→ Task prompt: What you return must be the lines of the data that hold the word "instance".

○ ○ ○ ○

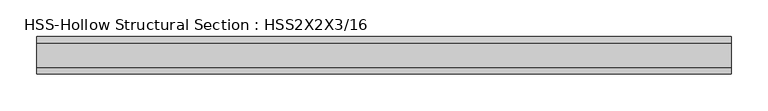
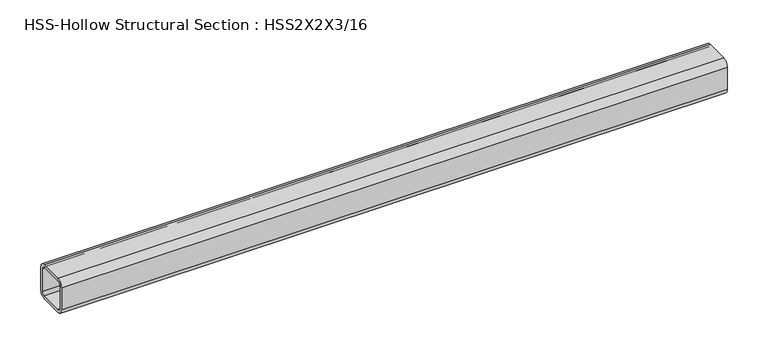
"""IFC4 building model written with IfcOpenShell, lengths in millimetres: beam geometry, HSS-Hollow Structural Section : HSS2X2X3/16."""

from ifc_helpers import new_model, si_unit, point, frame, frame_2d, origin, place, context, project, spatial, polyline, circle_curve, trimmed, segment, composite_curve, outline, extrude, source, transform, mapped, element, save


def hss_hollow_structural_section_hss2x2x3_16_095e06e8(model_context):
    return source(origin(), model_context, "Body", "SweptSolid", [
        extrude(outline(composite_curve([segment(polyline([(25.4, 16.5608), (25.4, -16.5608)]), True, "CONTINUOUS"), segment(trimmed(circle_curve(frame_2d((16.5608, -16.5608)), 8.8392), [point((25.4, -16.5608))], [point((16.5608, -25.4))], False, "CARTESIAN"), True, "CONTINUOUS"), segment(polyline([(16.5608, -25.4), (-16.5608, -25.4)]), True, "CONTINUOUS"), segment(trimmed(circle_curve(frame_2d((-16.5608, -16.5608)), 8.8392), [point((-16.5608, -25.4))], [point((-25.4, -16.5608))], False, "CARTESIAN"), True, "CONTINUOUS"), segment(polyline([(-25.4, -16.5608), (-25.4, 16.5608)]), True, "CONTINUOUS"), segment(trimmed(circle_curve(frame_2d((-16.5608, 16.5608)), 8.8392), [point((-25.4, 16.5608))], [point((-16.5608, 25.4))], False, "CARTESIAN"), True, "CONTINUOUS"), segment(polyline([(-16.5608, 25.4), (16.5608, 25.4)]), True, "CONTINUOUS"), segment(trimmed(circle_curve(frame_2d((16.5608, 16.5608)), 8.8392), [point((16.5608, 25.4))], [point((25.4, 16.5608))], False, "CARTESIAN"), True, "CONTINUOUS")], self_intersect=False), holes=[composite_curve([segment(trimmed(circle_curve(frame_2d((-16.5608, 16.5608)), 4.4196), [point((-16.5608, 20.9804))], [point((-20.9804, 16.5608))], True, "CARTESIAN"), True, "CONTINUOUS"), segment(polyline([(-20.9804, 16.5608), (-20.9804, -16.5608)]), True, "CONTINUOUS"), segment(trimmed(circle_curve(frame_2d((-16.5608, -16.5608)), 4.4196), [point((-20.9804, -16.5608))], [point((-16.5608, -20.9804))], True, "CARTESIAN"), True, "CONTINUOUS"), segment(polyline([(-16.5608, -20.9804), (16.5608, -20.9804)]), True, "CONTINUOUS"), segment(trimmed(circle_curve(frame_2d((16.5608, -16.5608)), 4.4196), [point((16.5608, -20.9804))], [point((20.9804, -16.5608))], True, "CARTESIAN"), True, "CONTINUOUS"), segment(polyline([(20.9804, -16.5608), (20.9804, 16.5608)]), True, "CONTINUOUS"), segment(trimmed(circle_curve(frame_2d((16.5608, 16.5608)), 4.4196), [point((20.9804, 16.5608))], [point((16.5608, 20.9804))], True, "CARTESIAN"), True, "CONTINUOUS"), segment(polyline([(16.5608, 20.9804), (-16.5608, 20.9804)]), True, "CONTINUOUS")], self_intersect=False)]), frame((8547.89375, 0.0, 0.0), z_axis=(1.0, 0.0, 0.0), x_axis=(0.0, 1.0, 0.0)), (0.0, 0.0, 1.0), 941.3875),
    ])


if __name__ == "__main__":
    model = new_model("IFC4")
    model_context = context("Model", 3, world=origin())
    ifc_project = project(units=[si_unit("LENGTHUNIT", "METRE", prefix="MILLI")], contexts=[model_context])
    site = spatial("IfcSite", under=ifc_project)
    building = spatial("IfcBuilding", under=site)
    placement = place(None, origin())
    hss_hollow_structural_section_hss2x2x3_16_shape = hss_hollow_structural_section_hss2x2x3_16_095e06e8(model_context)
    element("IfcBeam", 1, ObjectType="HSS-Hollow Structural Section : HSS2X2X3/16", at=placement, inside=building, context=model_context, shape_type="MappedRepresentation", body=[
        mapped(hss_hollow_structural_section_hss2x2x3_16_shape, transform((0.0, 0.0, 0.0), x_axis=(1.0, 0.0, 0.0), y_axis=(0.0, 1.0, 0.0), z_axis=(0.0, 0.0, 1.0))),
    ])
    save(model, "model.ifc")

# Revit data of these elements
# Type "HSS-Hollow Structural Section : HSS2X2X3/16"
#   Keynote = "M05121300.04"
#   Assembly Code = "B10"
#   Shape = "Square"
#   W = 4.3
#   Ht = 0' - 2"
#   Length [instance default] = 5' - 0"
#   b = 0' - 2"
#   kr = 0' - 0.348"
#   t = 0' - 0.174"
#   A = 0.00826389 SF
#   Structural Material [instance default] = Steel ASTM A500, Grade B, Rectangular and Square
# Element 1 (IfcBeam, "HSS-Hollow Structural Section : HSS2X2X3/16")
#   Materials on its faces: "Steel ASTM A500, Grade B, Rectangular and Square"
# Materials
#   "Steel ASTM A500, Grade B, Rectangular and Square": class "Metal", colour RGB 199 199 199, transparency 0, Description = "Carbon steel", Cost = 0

○ ○ ○ ○

→ Reply to the exercise:
#   Length [instance default] = 5' - 0"
#   Structural Material [instance default] = Steel ASTM A500, Grade B, Rectangular and Square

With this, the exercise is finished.